Question from Reddit user:
Is there a way to get a report on 404 errors that my own domain is linking to?
I can’t find a way to do it with the built in reports nor a custom explore report.
I’m thinking there is some way to do it with tag manager and creating a custom event with a parameter that has the previous page in it or something?
The site has 100k+ pages and it’s not feasible to crawl it for a number of reasons.
Answer from Nabil:
The short answer is:
You are correct that the built-in GA4 reports and Explorations cannot easily report on internal 404s and their source pages because GA4’s default data model does not automatically link a 404 page view to the preceding click’s source link, and the Page referrer dimension often reports the previous correct page URL, not the internal link URL that was clicked.

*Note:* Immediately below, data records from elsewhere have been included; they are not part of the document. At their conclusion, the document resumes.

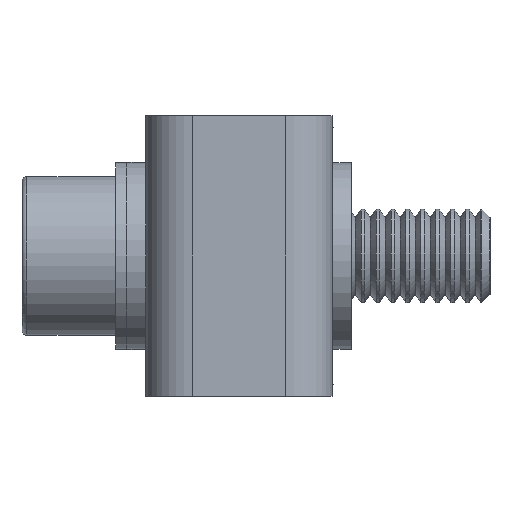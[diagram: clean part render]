
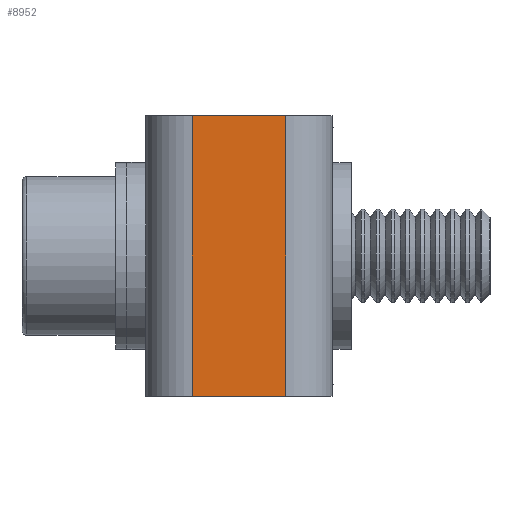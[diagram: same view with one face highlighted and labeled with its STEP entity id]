
A CAD part, left-side view. The second image highlights one B-rep face of the part: STEP entity #8952.
In plain terms, the highlighted planar face has unit normal (-1, 0, 0).
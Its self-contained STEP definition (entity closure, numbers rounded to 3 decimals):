
#222 = VECTOR ( 'NONE', #6529, 1000. ) ;
#413 = VECTOR ( 'NONE', #4041, 1000. ) ;
#684 = ORIENTED_EDGE ( 'NONE', *, *, #6423, .F. ) ;
#1125 = ORIENTED_EDGE ( 'NONE', *, *, #12282, .T. ) ;
#2268 = CARTESIAN_POINT ( 'NONE',  ( -31.75, -1.5, 7.5 ) ) ;
#3291 = CARTESIAN_POINT ( 'NONE',  ( -31.75, 6., 7.5 ) ) ;
#3428 = VERTEX_POINT ( 'NONE', #7656 ) ;
#3685 = DIRECTION ( 'NONE',  ( 0., -1., 0. ) ) ;
#3965 = VERTEX_POINT ( 'NONE', #8541 ) ;
#4020 = ORIENTED_EDGE ( 'NONE', *, *, #10430, .F. ) ;
#4041 = DIRECTION ( 'NONE',  ( 0., 0., -1. ) ) ;
#4879 = LINE ( 'NONE', #10795, #11951 ) ;
#5232 = EDGE_LOOP ( 'NONE', ( #5382, #1125, #4020, #684 ) ) ;
#5382 = ORIENTED_EDGE ( 'NONE', *, *, #6696, .T. ) ;
#6184 = VERTEX_POINT ( 'NONE', #12576 ) ;
#6423 = EDGE_CURVE ( 'NONE', #11484, #3428, #10501, .T. ) ;
#6529 = DIRECTION ( 'NONE',  ( 0., 0., -1. ) ) ;
#6696 = EDGE_CURVE ( 'NONE', #11484, #6184, #8461, .T. ) ;
#7656 = CARTESIAN_POINT ( 'NONE',  ( -31.75, 1., 7.5 ) ) ;
#8059 = CARTESIAN_POINT ( 'NONE',  ( -31.75, 1., 7.5 ) ) ;
#8079 = DIRECTION ( 'NONE',  ( 0., -1., 0. ) ) ;
#8348 = DIRECTION ( 'NONE',  ( 1., 0., 0. ) ) ;
#8461 = LINE ( 'NONE', #11559, #222 ) ;
#8541 = CARTESIAN_POINT ( 'NONE',  ( -31.75, 1., -7.5 ) ) ;
#8952 = ADVANCED_FACE ( 'NONE', ( #11064 ), #9373, .F. ) ;
#9373 = PLANE ( 'NONE',  #11498 ) ;
#10430 = EDGE_CURVE ( 'NONE', #3428, #3965, #10727, .T. ) ;
#10501 = LINE ( 'NONE', #11611, #11446 ) ;
#10727 = LINE ( 'NONE', #8059, #413 ) ;
#10795 = CARTESIAN_POINT ( 'NONE',  ( -31.75, -1.5, -7.5 ) ) ;
#11064 = FACE_OUTER_BOUND ( 'NONE', #5232, .T. ) ;
#11307 = DIRECTION ( 'NONE',  ( 0., 0., -1. ) ) ;
#11446 = VECTOR ( 'NONE', #8079, 1000. ) ;
#11484 = VERTEX_POINT ( 'NONE', #3291 ) ;
#11498 = AXIS2_PLACEMENT_3D ( 'NONE', #2268, #8348, #11307 ) ;
#11559 = CARTESIAN_POINT ( 'NONE',  ( -31.75, 6., 7.5 ) ) ;
#11611 = CARTESIAN_POINT ( 'NONE',  ( -31.75, -1.5, 7.5 ) ) ;
#11951 = VECTOR ( 'NONE', #3685, 1000. ) ;
#12282 = EDGE_CURVE ( 'NONE', #6184, #3965, #4879, .T. ) ;
#12576 = CARTESIAN_POINT ( 'NONE',  ( -31.75, 6., -7.5 ) ) ;

The immediate solution is a two-step process using Google Tag Manager (GTM): first, create a Custom Event that specifically triggers on your site’s 404 page content, and second, add a parameter to that event to capture the Document Referrer
, which will be the last page visited, which is the page containing the broken internal link.
The superior long-term solution is to implement a robust data pipeline using the Google Analytics Data API, Looker Studio API, and BigQuery, potentially enhanced by server-side tagging with Stape or Google Cloud Platform, to perform the complex lookups and historical analysis you need for a site of your scale.
The long answer is:
The reason this is difficult in standard GA4 reports is that a 404 page is just another page view event, typically using the ‘Page not found’ page title, and the Page referrer
dimension will capture the page the user was on before they clicked the bad link.
To reliably identify broken internal links and their source pages, you need a custom implementation with Google Tag Manager.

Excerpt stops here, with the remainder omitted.